Voetbalbond onderzoekt welke spelers omkwamen
"Nu zijn wij weer vrij", schrijft de nationale voetbalbond vandaag in het bevrijdingsnummer van de Sportkroniek. "Maar helaas is de toestand nog niet normaal". Onder de voetballers zijn tijdens de oorlog veel slachtoffers gevallen. Omdat de bond momenteel geen overzicht heeft over welke spelers omgekomen zijn, is vandaag een grootschalig onderzoek gestart naar omgekomen leden.
Om dit in kaart te brengen komt de NVB met speciale vragenlijsten. "Hebt u leden te betreuren die zijn gesneuveld in de meidagen van 1940?" en "Wie van uw leden zijn op andere wijze ten gevolge van den oorlog overleden?"
Waarschijnlijk heeft de bond duizenden mensen verloren. Door het hele land vinden al herdenkingen plaats bij verschillende clubs. Er wordt geschat dat in de provincie Limburg de meeste slachtoffers gevallen zijn, door bombardementen en landmijnen.

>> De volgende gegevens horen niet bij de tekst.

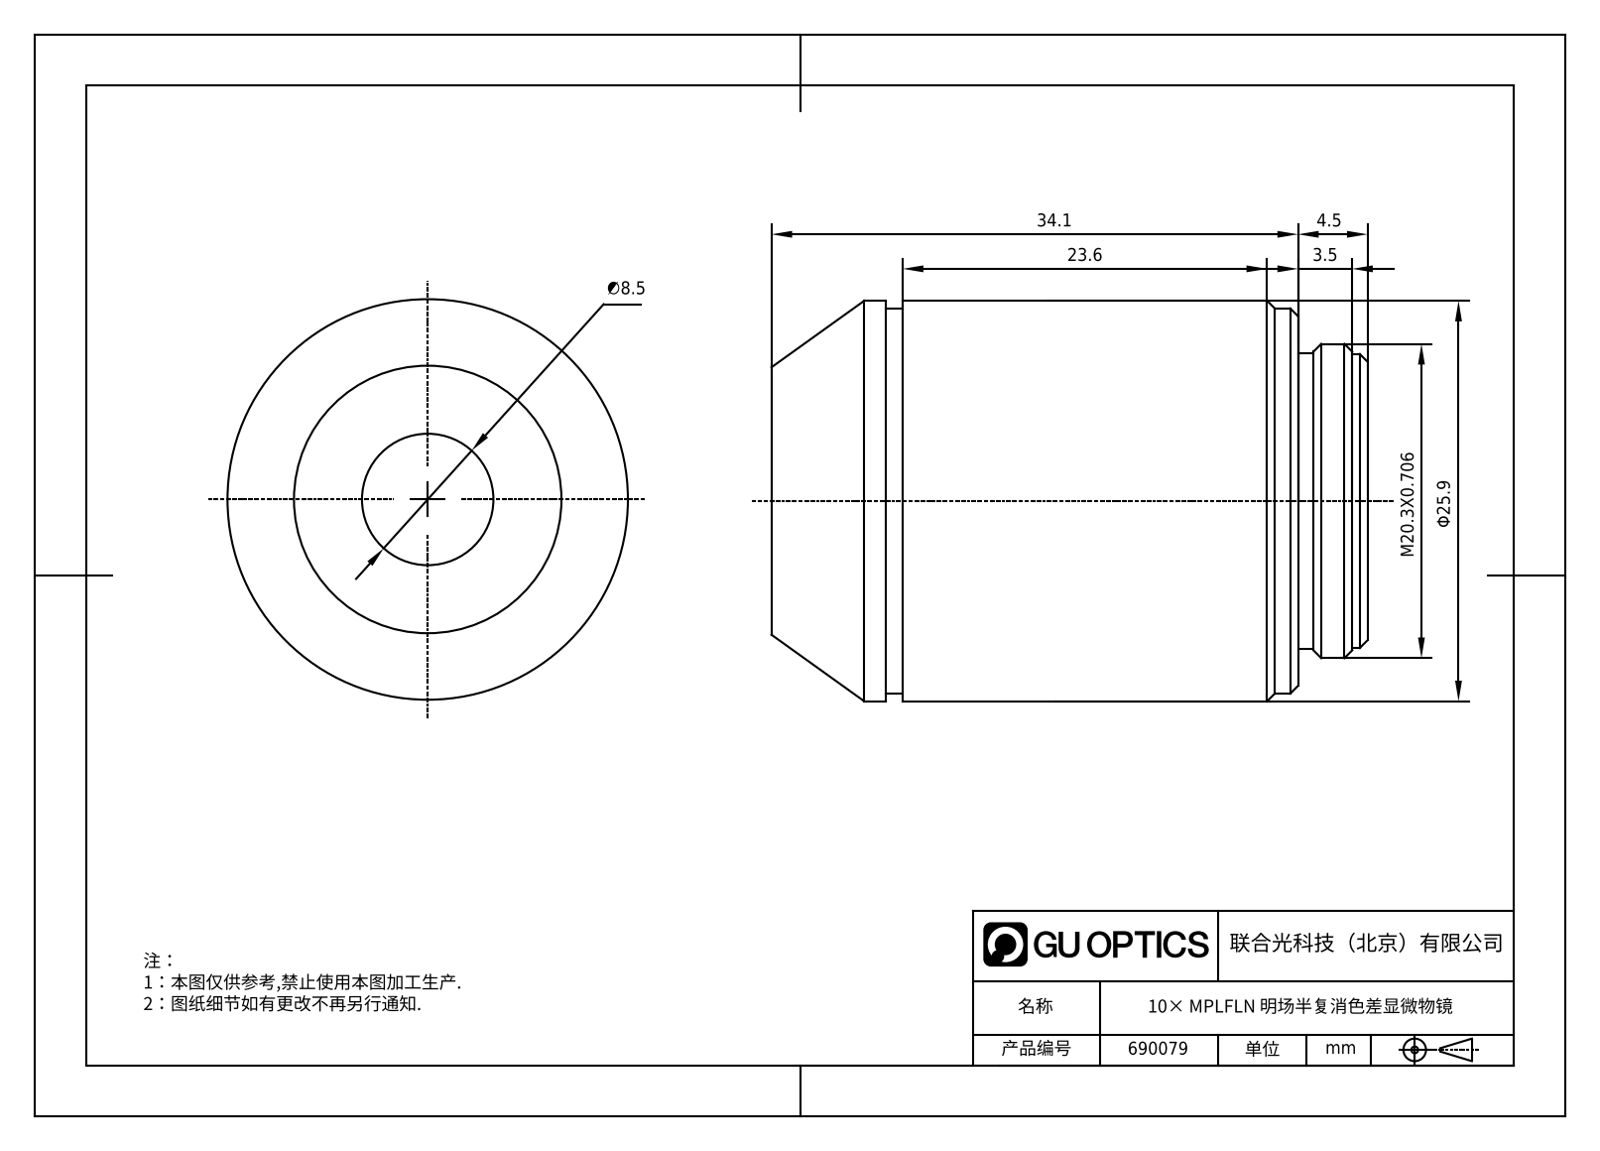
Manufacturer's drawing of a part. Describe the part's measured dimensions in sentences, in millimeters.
The part is named "690079". Its 3-D file was written by "SolidWorks 2020 (CONFIG_CONTROL_DESIGN)". It is 1 solid with 39 faces: 9 planar, 18 cylindrical and 12 other. Overall it measures 38.56 by 25.9 by 25.9 millimeters. Its volume is 18 174 cubic millimeters and its surface area 3 897 square millimeters. Round holes: 1 of diameter 8.5, 1 of diameter 10.9. Round bosses or shafts: 1 of diameter 25.9, 1 of diameter 24.9, 1 of diameter 20.32, 1 of diameter 19.1, 1 of diameter 19. The main face-to-face distances are 34.06, 4.5, 38.56, 0.61, 3.89, 37.95, 38.31, 37.7, 33.81, 30.07.

Ook zijn er in de grote steden Joodse voetballers met tientallen en soms honderden tegelijk opgepakt en afgevoerd. Zo verloor de Joodse club de Ooievaars uit Den Haag 117 leden, slechts vier clubgenoten ontsnapten aan de Duitse kampen.
Ongekende populariteit
Cijfers wijzen uit dat voetbal in Nederland tijdens de bezetting populairder werd dan voorheen. Hoewel verzetsbladen soms opriepen tot een boycot, verdubbelden de bezoekersaantallen van voetbalwedstrijden. Zo was er op Tweede Pinksterdag 1944 een stormloop op de kaartjes voor de wedstrijd om het Nederlands kampioenschap tussen De Volewijckers en Heerenveen.
Ph. K. Corstens, bestuurslid van De Volewijckers, vertelt over de bizarre situatie. "Bepaalde levensmiddelen waren moeilijk te krijgen. De mensen gingen echter naar de Beemster met de bedoeling om de daar verkregen groenten en aardappelen te ruilen voor kaartjes."
Bij het stadion ontstond een zwarte markt in kaartjes. De politie greep in en er werden 150 verkopers gearresteerd. De in beslag genomen entreebewijzen werden vervolgens gratis uitgedeeld aan omstanders.
Onderduiker in het stadion
Ondergedoken Joden bezochten zelfs voetbalwedstrijden, zo ook de 13-jarige Simon de Winter. In april 1944 ging hij naar de kampioenswedstrijd tussen HVV en Neptunus in Rotterdam. Veel voetbalstadions lieten Joden niet toe, maar kinderen tot 15 jaar hadden geen persoonsbewijs nodig. Simon kon de wedstrijd dus gewoon bijwonen.
Tijdens deze wedstrijd werden de tribunes plots afgezet en hield de landwacht een razzia. Simon vertelt: "Nou, wat doe je dan? Je klimt over het hek, rent het veld in, gaat naar de kleedkamers. Ze kenden mij nog bij Neptunus en ik heb met de bus van de spelers het terrein verlaten."